Difference between Lossless and Lossy Join Decomposition
The process of breaking up of a relation into smaller subrelations is called Decomposition. Decomposition is required in DBMS to convert a relation into a specific normal form which further reduces redundancy, anomalies, and inconsistency in the relation.

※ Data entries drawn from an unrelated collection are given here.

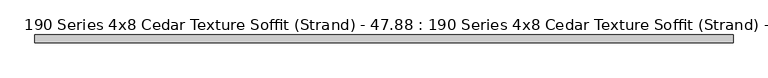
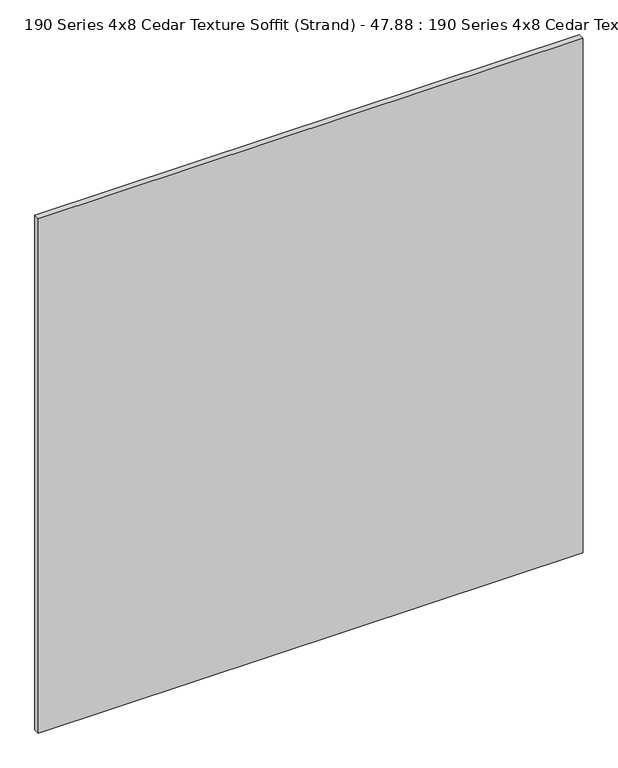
"""IFC4 building model written with IfcOpenShell, lengths in millimetres: proxy geometry, 190 Series 4x8 Cedar Texture Soffit (Strand) - 47.88 : 190 Series 4x8 Cedar Texture Soffit (Strand) - 47.88."""

from ifc_helpers import new_model, si_unit, frame, origin, place, context, project, spatial, polyline, outline, extrude, source, transform, mapped, element, save


def proxy_190_series_4x8_cedar_texture_soffit_strand_47_88_190_38c40540(model_context):
    return source(origin(), model_context, "Body", "SweptSolid", [
        extrude(outline(polyline([(1219.2, -13.462), (0.0, -13.462), (0.0, 0.0), (1219.2, 0.0), (1219.2, -13.462)])), frame((0.0, 0.0, -1216.152), z_axis=(0.0, 0.0, 1.0), x_axis=(1.0, 0.0, 0.0)), (0.0, 0.0, 1.0), 1216.152),
    ])


if __name__ == "__main__":
    model = new_model("IFC4")
    model_context = context("Model", 3, world=origin())
    ifc_project = project(units=[si_unit("LENGTHUNIT", "METRE", prefix="MILLI")], contexts=[model_context])
    site = spatial("IfcSite", under=ifc_project)
    building = spatial("IfcBuilding", under=site)
    placement = place(None, origin())
    proxy_190_series_4x8_cedar_texture_soffit_strand_47_88_190_shape = proxy_190_series_4x8_cedar_texture_soffit_strand_47_88_190_38c40540(model_context)
    element("IfcBuildingElementProxy", 1, Name="190 Series 4x8 Cedar Texture Soffit (Strand) - 47.88 : 190 Series 4x8 Cedar Texture Soffit (Strand) - 47.88", ObjectType="190 Series 4x8 Cedar Texture Soffit (Strand) - 47.88 : 190 Series 4x8 Cedar Texture Soffit (Strand) - 47.88", at=placement, inside=building, context=model_context, shape_type="MappedRepresentation", body=[
        mapped(proxy_190_series_4x8_cedar_texture_soffit_strand_47_88_190_shape, transform((0.0, 0.0, 0.0), x_axis=(1.0, 0.0, 0.0), y_axis=(0.0, 1.0, 0.0), z_axis=(0.0, 0.0, 1.0))),
    ])
    save(model, "model.ifc")
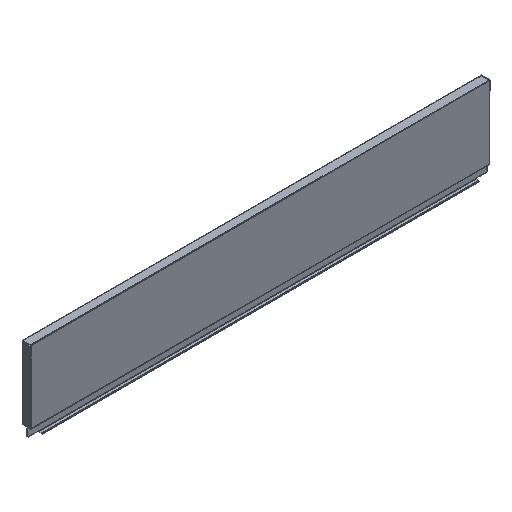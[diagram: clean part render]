
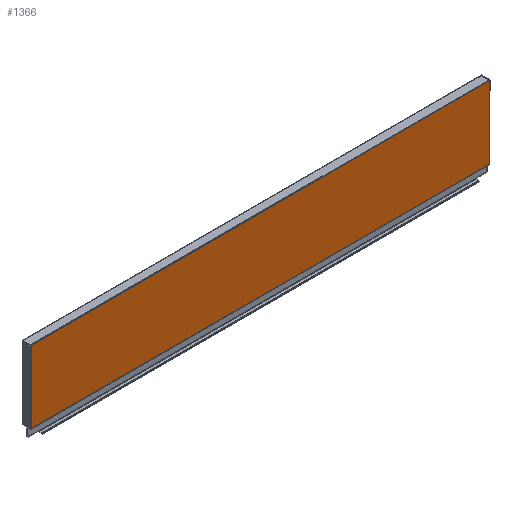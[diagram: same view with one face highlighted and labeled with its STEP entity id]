
A CAD part, isometric view. The second image highlights one B-rep face of the part: STEP entity #1366.
In plain terms, the highlighted planar face has unit normal (0, -1, 0).
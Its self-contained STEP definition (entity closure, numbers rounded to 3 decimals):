
#50 = VERTEX_POINT ( 'NONE', #447 ) ;
#76 = VERTEX_POINT ( 'NONE', #441 ) ;
#96 = DIRECTION ( 'NONE',  ( 1., 0., 0. ) ) ;
#98 = DIRECTION ( 'NONE',  ( 0., -1., 0. ) ) ;
#99 = CARTESIAN_POINT ( 'NONE',  ( -430., -6., 17. ) ) ;
#100 = PLANE ( 'NONE',  #2013 ) ;
#304 = CARTESIAN_POINT ( 'NONE',  ( -429., -6., 151.5 ) ) ;
#306 = CARTESIAN_POINT ( 'NONE',  ( 429., -6., 151.5 ) ) ;
#336 = CARTESIAN_POINT ( 'NONE',  ( 428.5, -6., 17.5 ) ) ;
#338 = CARTESIAN_POINT ( 'NONE',  ( -429., -6., 17.5 ) ) ;
#341 = CARTESIAN_POINT ( 'NONE',  ( 429., -6., 152. ) ) ;
#359 = CARTESIAN_POINT ( 'NONE',  ( -428.5, -6., 17. ) ) ;
#380 = CARTESIAN_POINT ( 'NONE',  ( -429., -6., 152. ) ) ;
#389 = CARTESIAN_POINT ( 'NONE',  ( 428.5, -6., 17. ) ) ;
#441 = CARTESIAN_POINT ( 'NONE',  ( 429., -6., 17.5 ) ) ;
#447 = CARTESIAN_POINT ( 'NONE',  ( -428.5, -6., 17.5 ) ) ;
#455 = VERTEX_POINT ( 'NONE', #389 ) ;
#463 = VERTEX_POINT ( 'NONE', #380 ) ;
#484 = VERTEX_POINT ( 'NONE', #359 ) ;
#518 = VERTEX_POINT ( 'NONE', #341 ) ;
#521 = VERTEX_POINT ( 'NONE', #338 ) ;
#523 = VERTEX_POINT ( 'NONE', #336 ) ;
#547 = VERTEX_POINT ( 'NONE', #306 ) ;
#548 = VERTEX_POINT ( 'NONE', #304 ) ;
#810 = ORIENTED_EDGE ( 'NONE', *, *, #1786, .T. ) ;
#811 = ORIENTED_EDGE ( 'NONE', *, *, #1787, .F. ) ;
#812 = ORIENTED_EDGE ( 'NONE', *, *, #1788, .F. ) ;
#813 = ORIENTED_EDGE ( 'NONE', *, *, #1956, .F. ) ;
#814 = ORIENTED_EDGE ( 'NONE', *, *, #1958, .T. ) ;
#815 = ORIENTED_EDGE ( 'NONE', *, *, #1959, .T. ) ;
#816 = ORIENTED_EDGE ( 'NONE', *, *, #1960, .T. ) ;
#817 = ORIENTED_EDGE ( 'NONE', *, *, #1961, .T. ) ;
#818 = ORIENTED_EDGE ( 'NONE', *, *, #1962, .T. ) ;
#819 = ORIENTED_EDGE ( 'NONE', *, *, #1970, .T. ) ;
#885 = FACE_OUTER_BOUND ( 'NONE', #1533, .T. ) ;
#987 = LINE ( 'NONE', #2216, #988 ) ;
#988 = VECTOR ( 'NONE', #2215, 1000. ) ;
#989 = LINE ( 'NONE', #2210, #990 ) ;
#990 = VECTOR ( 'NONE', #2208, 1000. ) ;
#991 = LINE ( 'NONE', #2203, #992 ) ;
#992 = VECTOR ( 'NONE', #2202, 1000. ) ;
#1287 = LINE ( 'NONE', #2423, #1288 ) ;
#1288 = VECTOR ( 'NONE', #2424, 1000. ) ;
#1289 = LINE ( 'NONE', #2428, #1291 ) ;
#1291 = VECTOR ( 'NONE', #2429, 1000. ) ;
#1292 = LINE ( 'NONE', #2430, #1293 ) ;
#1293 = VECTOR ( 'NONE', #2431, 1000. ) ;
#1294 = LINE ( 'NONE', #2432, #1295 ) ;
#1295 = VECTOR ( 'NONE', #2433, 1000. ) ;
#1296 = LINE ( 'NONE', #2434, #1297 ) ;
#1297 = VECTOR ( 'NONE', #2435, 1000. ) ;
#1298 = LINE ( 'NONE', #2436, #1299 ) ;
#1299 = VECTOR ( 'NONE', #2437, 1000. ) ;
#1311 = LINE ( 'NONE', #2455, #1312 ) ;
#1312 = VECTOR ( 'NONE', #2456, 1000. ) ;
#1366 = ADVANCED_FACE ( 'NONE', ( #885 ), #100, .T. ) ;
#1533 = EDGE_LOOP ( 'NONE', ( #819, #818, #817, #816, #815, #814, #813, #812, #811, #810 ) ) ;
#1786 = EDGE_CURVE ( 'NONE', #463, #548, #987, .T. ) ;
#1787 = EDGE_CURVE ( 'NONE', #463, #518, #989, .T. ) ;
#1788 = EDGE_CURVE ( 'NONE', #518, #547, #991, .T. ) ;
#1956 = EDGE_CURVE ( 'NONE', #547, #76, #1287, .T. ) ;
#1958 = EDGE_CURVE ( 'NONE', #523, #76, #1289, .T. ) ;
#1959 = EDGE_CURVE ( 'NONE', #455, #523, #1292, .T. ) ;
#1960 = EDGE_CURVE ( 'NONE', #484, #455, #1294, .T. ) ;
#1961 = EDGE_CURVE ( 'NONE', #50, #484, #1296, .T. ) ;
#1962 = EDGE_CURVE ( 'NONE', #521, #50, #1298, .T. ) ;
#1970 = EDGE_CURVE ( 'NONE', #548, #521, #1311, .T. ) ;
#2013 = AXIS2_PLACEMENT_3D ( 'NONE', #99, #98, #96 ) ;
#2202 = DIRECTION ( 'NONE',  ( 0., 0., -1. ) ) ;
#2203 = CARTESIAN_POINT ( 'NONE',  ( 429., -6., 170.385 ) ) ;
#2208 = DIRECTION ( 'NONE',  ( 1., 0., 0. ) ) ;
#2210 = CARTESIAN_POINT ( 'NONE',  ( -430., -6., 152. ) ) ;
#2215 = DIRECTION ( 'NONE',  ( 0., 0., -1. ) ) ;
#2216 = CARTESIAN_POINT ( 'NONE',  ( -429., -6., 170.385 ) ) ;
#2423 = CARTESIAN_POINT ( 'NONE',  ( 429., -6., 170.385 ) ) ;
#2424 = DIRECTION ( 'NONE',  ( 0., 0., -1. ) ) ;
#2428 = CARTESIAN_POINT ( 'NONE',  ( 428.5, -6., 17.5 ) ) ;
#2429 = DIRECTION ( 'NONE',  ( 1., 0., 0. ) ) ;
#2430 = CARTESIAN_POINT ( 'NONE',  ( 428.5, -6., 15.3 ) ) ;
#2431 = DIRECTION ( 'NONE',  ( 0., 0., 1. ) ) ;
#2432 = CARTESIAN_POINT ( 'NONE',  ( -430., -6., 17. ) ) ;
#2433 = DIRECTION ( 'NONE',  ( 1., 0., 0. ) ) ;
#2434 = CARTESIAN_POINT ( 'NONE',  ( -428.5, -6., 17.5 ) ) ;
#2435 = DIRECTION ( 'NONE',  ( 0., 0., -1. ) ) ;
#2436 = CARTESIAN_POINT ( 'NONE',  ( -430., -6., 17.5 ) ) ;
#2437 = DIRECTION ( 'NONE',  ( 1., 0., 0. ) ) ;
#2455 = CARTESIAN_POINT ( 'NONE',  ( -429., -6., 170.385 ) ) ;
#2456 = DIRECTION ( 'NONE',  ( 0., 0., -1. ) ) ;

There are mainly two types of decompositions in DBMS-
- Lossless Decomposition
- Lossy Decomposition
Difference Between Lossless and Lossy Join Decomposition :
Lossless | Lossy |
---|---|
The decompositions R1, R2, R2…Rn for a relation schema R are said to be Lossless if there natural join results the original relation R. | The decompositions R1, R2, R2…Rn for a relation schema R are said to be Lossy if there natural join results into addition of extraneous tuples with the original relation R. |
Formally, Let R be a relation and R1, R2, R3 … Rn be it’s decomposition, the decomposition is lossless if – R1 ⨝ R2 ⨝ R3 .... ⨝ Rn = R
|
Formally, Let R be a relation and R1, R2, R3 … Rn be its decomposition, the decomposition is lossy if – R ⊂ R1 ⨝ R2 ⨝ R3 .... ⨝ Rn
|
There is no loss of information as the relation obtained after natural join of decompositions is equivalent to original relation. Thus, it is also referred to as non-additive join decomposition | There is loss of information as extraneous tuples are added into the relation after natural join of decompositions. Thus, it is also referred to as careless decomposition. |
The common attribute of the sub relations is a superkey of any one of the relation. | The common attribute of the sub relation is not a superkey of any of the sub relation. |
Example-1:
Example to check whether given Decomposition Lossless Join Decomposition.
Let there be a relational schema Student(Roll No., S_name, S_dept). StudentDetails(Roll No., S_name) and Dept(Roll No., S_dept) be it’s decompositions.
Roll No. | S_name | S_dept |
---|---|---|
1 | Raju | CSE |
2 | Raju | Quantum Computing |
Roll No. | S_name |
---|---|
1 | Raju |
2 | Raju |
Roll No. |
S_dept |
---|---|
1 |
CSE |
2 |
Quantum Computing |
Now for the decomposition to be lossless,
StudentDetails ⨝ Dept = Student then, StudentDetails ⨝ Dept is
Roll No. | S_name | S_dept |
---|---|---|
1 | Raju | CSE |
2 | Raju | Quantum Computing |
As, StudentDetails ⨝ Dept = Student,
This decomposition is Lossless.
Example-2:
Example to check whether given Decomposition Lossy Join Decomposition.
Let there be a relational schema Student(Roll No., S_name, S_dept). StudentDetails(Roll No., S_name) and Dept(S_name, S_dept) be it’s decompositions.
Roll No. | S_name | S_dept |
---|---|---|
1 | Raju | CSE |
2 | Raju | Quantum Computing |
Roll No. | S_name |
---|---|
1 | Raju |
2 | Raju |
S_name | S_dept |
---|---|
Raju | CSE |
Raju | Quantum Computing |
Now for the decomposition to be lossy,
Student ⊂ StudentDetails ⨝ Dept then, StudentDetails ⨝ Dept is
Roll No. | S_name | S_dept |
---|---|---|
1 | Raju | CSE |
1 | Raju | Quantum Computing |
2 | Raju | CSE |
2 | Raju | Quantum Computing |
As, Student ⊂ StudentDetails ⨝ Dept,
This decomposition is Lossy.
Thus, we can figure out whether decomposition is lossless or lossy.